- Exercise details -
Set down each line exactly, beginning with the one that contains "Faces by surface type: cylinder 19, plane 16" and continuing through the last line of the listing, and nothing else.

====== Excerpted data ======

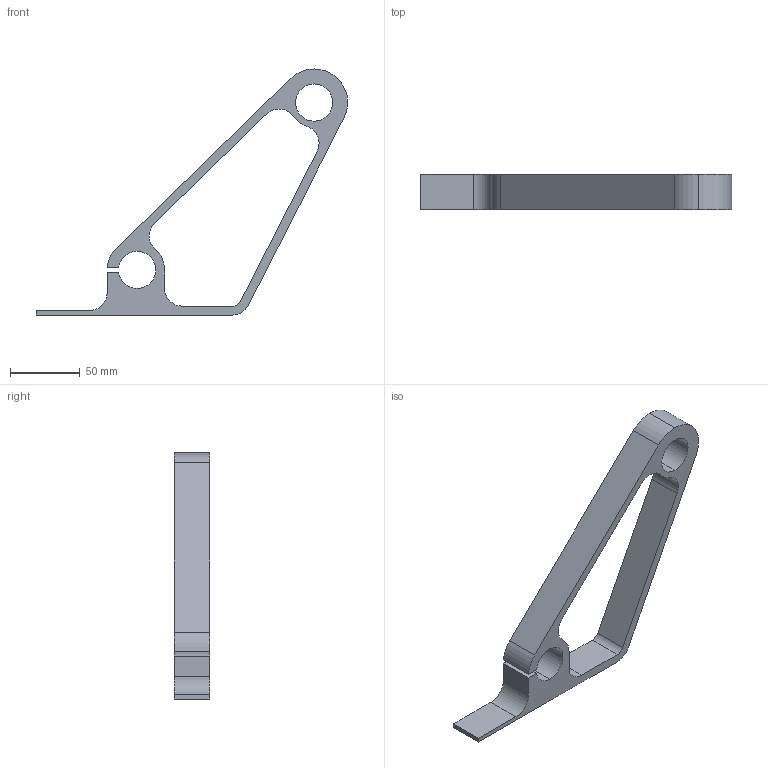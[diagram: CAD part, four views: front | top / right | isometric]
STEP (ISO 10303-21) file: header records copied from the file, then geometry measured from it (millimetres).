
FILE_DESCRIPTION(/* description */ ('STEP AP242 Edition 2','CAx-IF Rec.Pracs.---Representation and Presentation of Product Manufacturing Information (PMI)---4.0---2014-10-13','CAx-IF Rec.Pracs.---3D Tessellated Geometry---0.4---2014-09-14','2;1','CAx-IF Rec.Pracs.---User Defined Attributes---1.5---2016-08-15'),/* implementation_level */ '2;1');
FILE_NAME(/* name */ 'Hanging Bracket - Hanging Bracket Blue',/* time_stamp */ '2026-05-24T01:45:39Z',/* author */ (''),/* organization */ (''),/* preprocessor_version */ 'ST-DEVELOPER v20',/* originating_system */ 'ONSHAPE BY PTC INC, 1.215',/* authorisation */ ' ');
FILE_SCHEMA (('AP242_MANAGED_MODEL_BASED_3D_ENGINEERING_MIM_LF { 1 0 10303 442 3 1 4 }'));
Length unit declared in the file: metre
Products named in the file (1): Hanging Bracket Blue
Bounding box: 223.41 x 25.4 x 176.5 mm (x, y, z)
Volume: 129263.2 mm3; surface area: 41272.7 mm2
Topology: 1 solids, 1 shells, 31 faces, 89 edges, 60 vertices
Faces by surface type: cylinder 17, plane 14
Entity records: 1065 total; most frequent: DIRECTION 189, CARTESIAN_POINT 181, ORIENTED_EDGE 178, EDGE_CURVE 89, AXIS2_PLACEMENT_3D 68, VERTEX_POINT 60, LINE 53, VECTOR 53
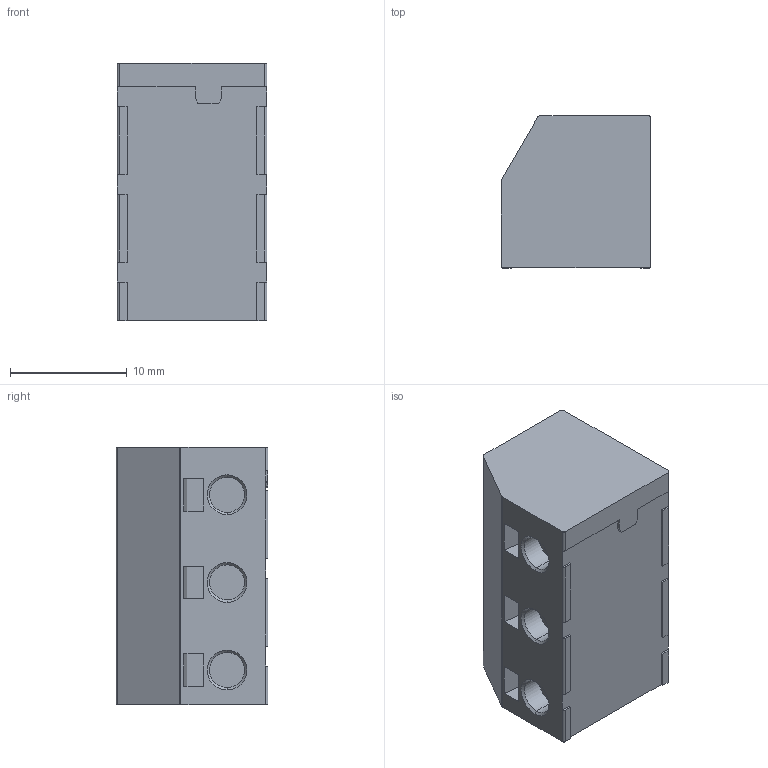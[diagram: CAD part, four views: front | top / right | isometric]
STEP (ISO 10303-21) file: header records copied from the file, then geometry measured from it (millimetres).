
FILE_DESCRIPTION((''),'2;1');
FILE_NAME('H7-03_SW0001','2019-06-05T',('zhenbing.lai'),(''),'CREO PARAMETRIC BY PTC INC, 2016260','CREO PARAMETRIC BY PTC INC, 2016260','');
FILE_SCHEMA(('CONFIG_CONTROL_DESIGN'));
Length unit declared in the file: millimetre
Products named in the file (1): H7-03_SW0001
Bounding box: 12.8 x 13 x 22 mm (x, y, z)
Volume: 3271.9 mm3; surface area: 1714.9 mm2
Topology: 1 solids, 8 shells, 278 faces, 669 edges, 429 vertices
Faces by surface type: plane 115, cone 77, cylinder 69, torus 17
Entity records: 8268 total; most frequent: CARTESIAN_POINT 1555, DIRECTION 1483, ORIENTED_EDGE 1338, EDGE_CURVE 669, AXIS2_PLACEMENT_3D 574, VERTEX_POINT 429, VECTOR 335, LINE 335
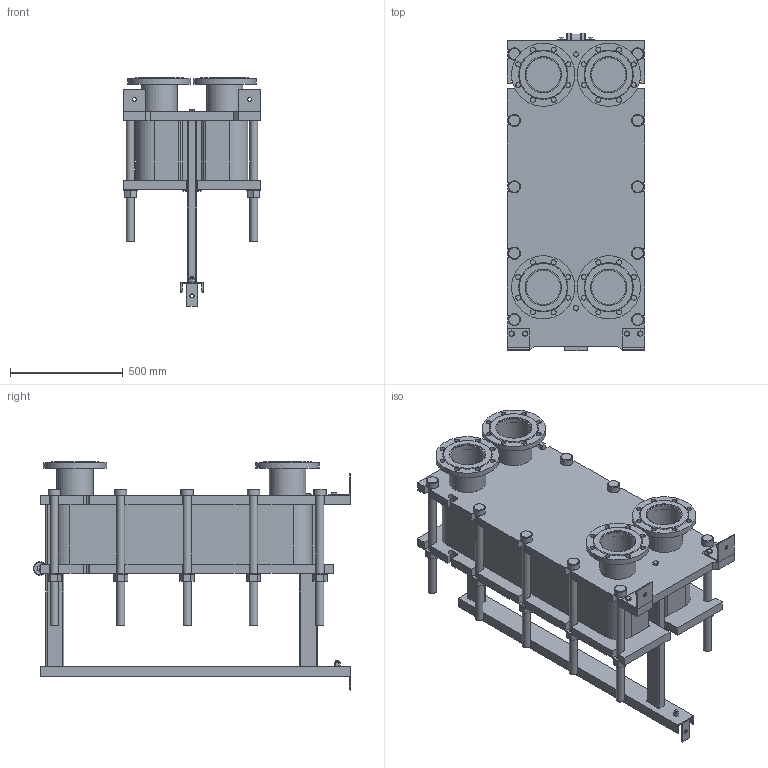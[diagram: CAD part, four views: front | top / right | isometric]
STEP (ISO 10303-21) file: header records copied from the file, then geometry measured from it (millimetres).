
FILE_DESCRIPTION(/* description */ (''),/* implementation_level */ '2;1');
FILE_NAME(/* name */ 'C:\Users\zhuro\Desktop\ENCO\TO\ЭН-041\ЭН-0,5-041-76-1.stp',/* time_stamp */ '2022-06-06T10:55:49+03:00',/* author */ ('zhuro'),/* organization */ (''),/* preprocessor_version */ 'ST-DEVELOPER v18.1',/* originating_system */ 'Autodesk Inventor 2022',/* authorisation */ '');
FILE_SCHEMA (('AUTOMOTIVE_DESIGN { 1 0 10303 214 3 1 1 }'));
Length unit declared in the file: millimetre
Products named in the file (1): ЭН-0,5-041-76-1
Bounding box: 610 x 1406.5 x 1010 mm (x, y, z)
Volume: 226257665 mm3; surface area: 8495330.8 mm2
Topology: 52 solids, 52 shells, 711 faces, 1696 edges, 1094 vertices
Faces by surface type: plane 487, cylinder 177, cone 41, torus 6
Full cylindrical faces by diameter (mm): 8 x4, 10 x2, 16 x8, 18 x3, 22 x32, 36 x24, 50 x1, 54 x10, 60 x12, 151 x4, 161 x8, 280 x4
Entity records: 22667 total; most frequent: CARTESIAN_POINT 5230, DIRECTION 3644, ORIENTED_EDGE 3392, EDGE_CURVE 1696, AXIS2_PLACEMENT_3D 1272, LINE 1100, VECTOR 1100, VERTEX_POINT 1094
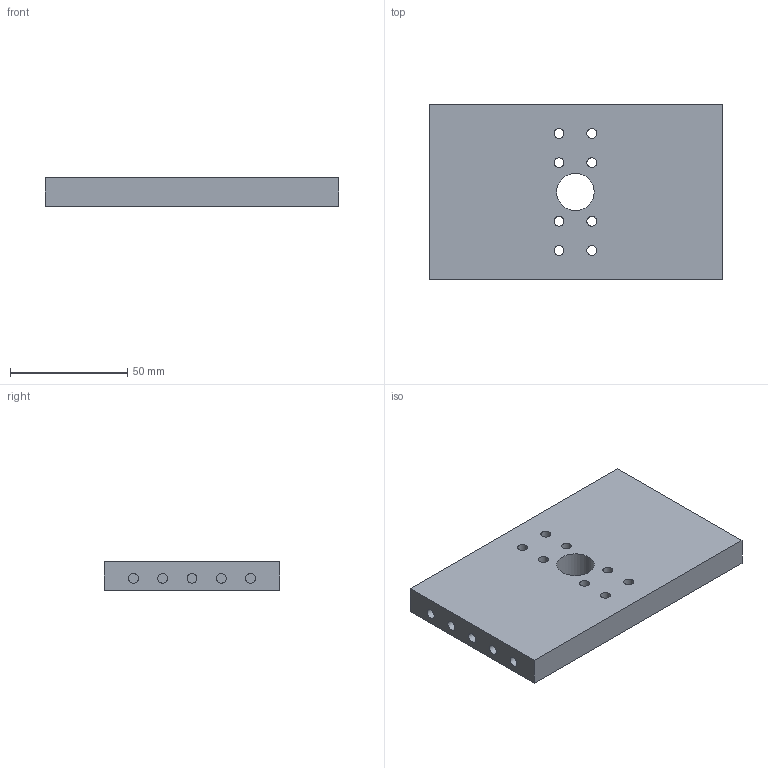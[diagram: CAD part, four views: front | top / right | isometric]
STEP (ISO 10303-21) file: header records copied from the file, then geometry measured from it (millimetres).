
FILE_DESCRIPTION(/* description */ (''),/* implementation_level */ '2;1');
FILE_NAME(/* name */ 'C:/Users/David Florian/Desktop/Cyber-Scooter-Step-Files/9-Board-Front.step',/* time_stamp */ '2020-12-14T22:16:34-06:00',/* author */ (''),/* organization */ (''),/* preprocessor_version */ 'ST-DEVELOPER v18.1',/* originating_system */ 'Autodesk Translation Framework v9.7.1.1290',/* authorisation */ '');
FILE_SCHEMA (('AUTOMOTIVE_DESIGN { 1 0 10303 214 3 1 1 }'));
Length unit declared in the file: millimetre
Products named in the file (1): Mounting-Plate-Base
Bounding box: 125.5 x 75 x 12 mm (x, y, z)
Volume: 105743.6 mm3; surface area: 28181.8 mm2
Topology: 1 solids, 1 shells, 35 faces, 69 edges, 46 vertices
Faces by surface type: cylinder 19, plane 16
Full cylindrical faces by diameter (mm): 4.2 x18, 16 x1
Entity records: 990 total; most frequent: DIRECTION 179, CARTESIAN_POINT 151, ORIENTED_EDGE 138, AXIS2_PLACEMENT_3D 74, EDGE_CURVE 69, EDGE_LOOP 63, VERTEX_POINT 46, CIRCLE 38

======

- Solution for this exercise -
Faces by surface type: cylinder 19, plane 16
Full cylindrical faces by diameter (mm): 4.2 x18, 16 x1
Entity records: 990 total; most frequent: DIRECTION 179, CARTESIAN_POINT 151, ORIENTED_EDGE 138, AXIS2_PLACEMENT_3D 74, EDGE_CURVE 69, EDGE_LOOP 63, VERTEX_POINT 46, CIRCLE 38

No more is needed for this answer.